> **Work item**:
The reply to the records below should contain exactly the lines from the line with "horizontal: L1 H, L3 H" through the line with "36. Extrusion14", and nothing besides.

> **Supplied records**:
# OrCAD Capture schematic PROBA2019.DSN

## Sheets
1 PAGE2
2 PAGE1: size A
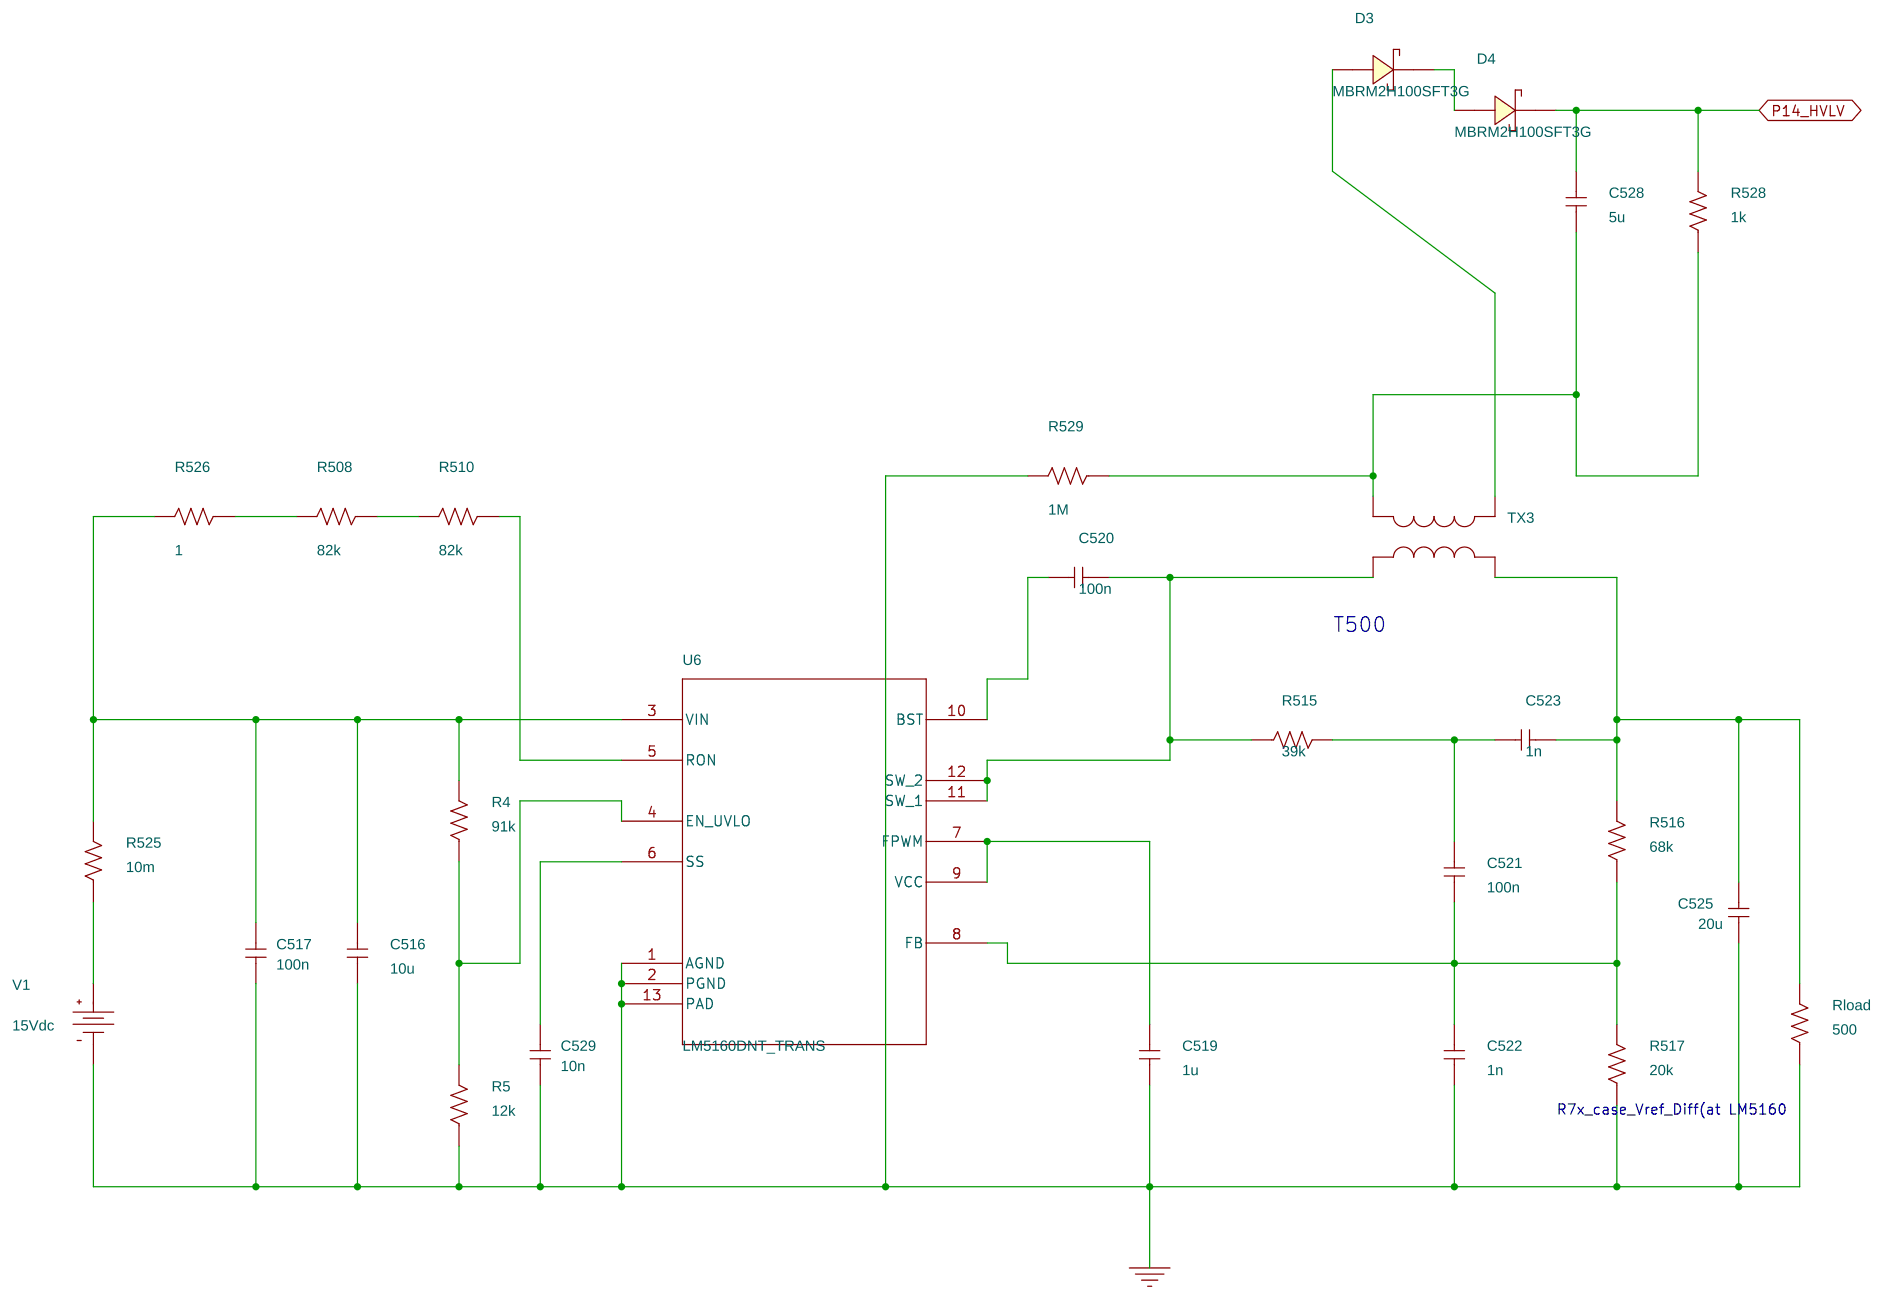
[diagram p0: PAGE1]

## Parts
C516  10u  [RAD/CK05]
C517  100n  [RAD/CK05]
C519  1u  [RAD/CK05]
C520  100n  [RAD/CK05]
C521  100n  [RAD/CK05]
C522  1n  [RAD/CK05]
C523  1n  [RAD/CK05]
C525  20u  [RAD/CK05]
C528  5u  [RAD/CK05]
C529  10n  [RAD/CK05]
D3  MBRM2H100SFT3G  [D0216AA]
D4  MBRM2H100SFT3G  [D0216AA]
R4  91k  [AX/RC05]
R5  12k  [AX/RC05]
R508  82k  [AX/RC05]
R510  82k  [AX/RC05]
R515  39k  [AX/RC05]
R516  68k  [AX/RC05]
R517  20k  [AX/RC05]
R525  10m  [AX/RC05]
R526  1  [AX/RC05]
R528  1k  [AX/RC05]
R529  1M  [AX/RC05]
Rload  500  [AX/RC05]
TX3  XFRM_LINEAR
U6  LM5160DNT_TRANS  [DNT0012B]
V1  VDC

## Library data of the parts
C516 C517 C519-C523 C525 C528 C529 = C
D3 D4 = MBRM2H100SFT3G
R4 R5 R508 R510 R515-R517 R525 R526 R528 R529 Rload = R
TX3 = XFRM_LINEAR: L1_VALUE: 30uH; L2_VALUE: 30uH
U6 = LM5160DNT_TRANS
V1 = VDC: DC: 15Vdc

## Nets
0: C516.1 C517.1 C519.1 C522.1 C525.1 C529.1 R5.1 R517.1 R529.2 Rload.1 U6.1(AGND) U6.2(PGND) U6.13(PAD) V1.1(-)
P14_HVLV: C528.2 D4.1(C) R528.2
N40150: C516.2 C517.2 R4.2 R525.2 R526.2 U6.3(VIN)
N40158: R508.1 R510.2
N40164: R510.1 U6.5(RON)
N40234: C520.1 U6.10(BST)
N40244: C520.2 R515.1 TX3.1 U6.11(SW_1) U6.12(SW_2)
N40258: C523.2 C525.2 R516.2 Rload.2 TX3.2
N40450: C521.2 C523.1 R515.2
N40542: C519.2 U6.7(FPWM) U6.9(VCC)
N40562: R4.1 R5.2 U6.4(EN_UVLO)
N40592: C521.1 C522.2 R516.1 R517.2 U6.8(FB)
N40596: R525.1 V1.0(+)
N45375: R508.2 R526.1
N47197: D3.2(A) TX3.4
N47203: D3.1(C) D4.2(A)
N47343: C528.1 R528.1 R529.1 TX3.3
N54758: C529.2 U6.6(SS)

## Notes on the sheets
sheet 2
- T500
- R7x_case_Vref_Diff(at LM5160
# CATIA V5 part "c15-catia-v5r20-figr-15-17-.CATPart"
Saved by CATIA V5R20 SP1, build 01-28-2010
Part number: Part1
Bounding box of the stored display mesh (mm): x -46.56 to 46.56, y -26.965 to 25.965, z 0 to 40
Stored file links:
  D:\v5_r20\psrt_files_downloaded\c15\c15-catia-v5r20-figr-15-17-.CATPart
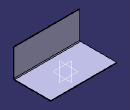
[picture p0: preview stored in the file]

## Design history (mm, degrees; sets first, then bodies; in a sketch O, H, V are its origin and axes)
SheetMetalParameters1: Thickness 1, BendRadius 1, KFactor 0.325257 {= log(min(100,max(20*SheetMetalParameters1.BendRadius,SheetMetalParameters1.Thickness)/SheetMetalParameters1.Thickness))/log(100)/2}, ReliefRadialLength 1, ReliefAxialLength 2, MinimumBendRadius 0
Body1 (main body)
  Sketch1 on xy-plane, origin (0, 0, 0), H (1, 0, 0), V (0, 1, 0)
    line L1 (-46.5596, 25.9646) -> (46.5596, 25.9646)
    line L2 (46.5596, 25.9646) -> (46.5596, -25.9646)
    line L3 (46.5596, -25.9646) -> (-46.5596, -25.9646)
    line L4 (-46.5596, -25.9646) -> (-46.5596, 25.9646)
    horizontal: L1 H, L3 H
    vertical: L2 V, L4 V
    symmetry: L1 L3 H, L4 L2 V
  Wall1: Thickness 1, Profile Sketch1
  d_NewWallOnEdge1: NewWallOnEdge_Edge edge [face of Wall1 | face of Wall1], NewWallOnEdge_Length 40, NewWallOnEdge_HeightLimitOffset 0, NewWallOnEdge_WidthOffset1 0, NewWallOnEdge_WidthOffset2 0, NewWallOnEdge_Angle 90, NewWallOnEdge_BendRadiusValue 1 {= SheetMetalParameters1.BendRadius}, NewWallOnEdge_BendTable SheetMetalParameters1, KFacteur 0.325257 {= log(min(100,max(20*d_NewWallOnEdge1.Radius,SheetMetalParameters1.Thickness)/SheetMetalParameters1.Thickness))/log(100)/2}
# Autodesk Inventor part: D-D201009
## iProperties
Created: 2007-10
Part Number: D-D201009
Document SubType Name: Modeling
Designer: MM
Density: 7.85 g/cm^3
Mass: 1039.33 g
Surface Area: 1235.3 cm^2
Volume: 132.398 cm^3
Material: Steel
Description: TOP FRAME RIGHT SIDE PLATE
Component Category: Lower Component
Author: MM
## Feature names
1. Extrusion1
2. Extrusion2
3. Fillet1
4. Extrusion3
5. Extrusion4
6. Fillet4
7. Fillet5
8. Fillet6
9. Fillet7
10. Extrusion9
11. Chamfer2
12. Chamfer3
13. Fillet13
14. Fillet14
15. Extrusion10
16. Chamfer4
17. Fillet15
18. Fillet16
19. Fillet8
20. Shell1
21. Extrusion5
22. Extrusion6
23. Extrusion7
24. Extrusion8
25. Fillet9
26. Fillet10
27. Fillet11
28. Fillet12
29. Extrusion11
30. Fillet17
31. Fillet18
32. Extrusion12
33. Extrusion13
34. Fillet19
35. Fillet20
36. Extrusion14
37. Extrusion15
38. Fillet21
39. Fillet22
40. Fillet23
41. Hole1
42. Hole2
43. Hole3
44. Hole4
45. Extrusion17
46. Extrusion18
47. Extrusion19

> **Completed exercise**:
    horizontal: L1 H, L3 H
    vertical: L2 V, L4 V
    symmetry: L1 L3 H, L4 L2 V
  Wall1: Thickness 1, Profile Sketch1
  d_NewWallOnEdge1: NewWallOnEdge_Edge edge [face of Wall1 | face of Wall1], NewWallOnEdge_Length 40, NewWallOnEdge_HeightLimitOffset 0, NewWallOnEdge_WidthOffset1 0, NewWallOnEdge_WidthOffset2 0, NewWallOnEdge_Angle 90, NewWallOnEdge_BendRadiusValue 1 {= SheetMetalParameters1.BendRadius}, NewWallOnEdge_BendTable SheetMetalParameters1, KFacteur 0.325257 {= log(min(100,max(20*d_NewWallOnEdge1.Radius,SheetMetalParameters1.Thickness)/SheetMetalParameters1.Thickness))/log(100)/2}
# Autodesk Inventor part: D-D201009
## iProperties
Created: 2007-10
Part Number: D-D201009
Document SubType Name: Modeling
Designer: MM
Density: 7.85 g/cm^3
Mass: 1039.33 g
Surface Area: 1235.3 cm^2
Volume: 132.398 cm^3
Material: Steel
Description: TOP FRAME RIGHT SIDE PLATE
Component Category: Lower Component
Author: MM
## Feature names
1. Extrusion1
2. Extrusion2
3. Fillet1
4. Extrusion3
5. Extrusion4
6. Fillet4
7. Fillet5
8. Fillet6
9. Fillet7
10. Extrusion9
11. Chamfer2
12. Chamfer3
13. Fillet13
14. Fillet14
15. Extrusion10
16. Chamfer4
17. Fillet15
18. Fillet16
19. Fillet8
20. Shell1
21. Extrusion5
22. Extrusion6
23. Extrusion7
24. Extrusion8
25. Fillet9
26. Fillet10
27. Fillet11
28. Fillet12
29. Extrusion11
30. Fillet17
31. Fillet18
32. Extrusion12
33. Extrusion13
34. Fillet19
35. Fillet20
36. Extrusion14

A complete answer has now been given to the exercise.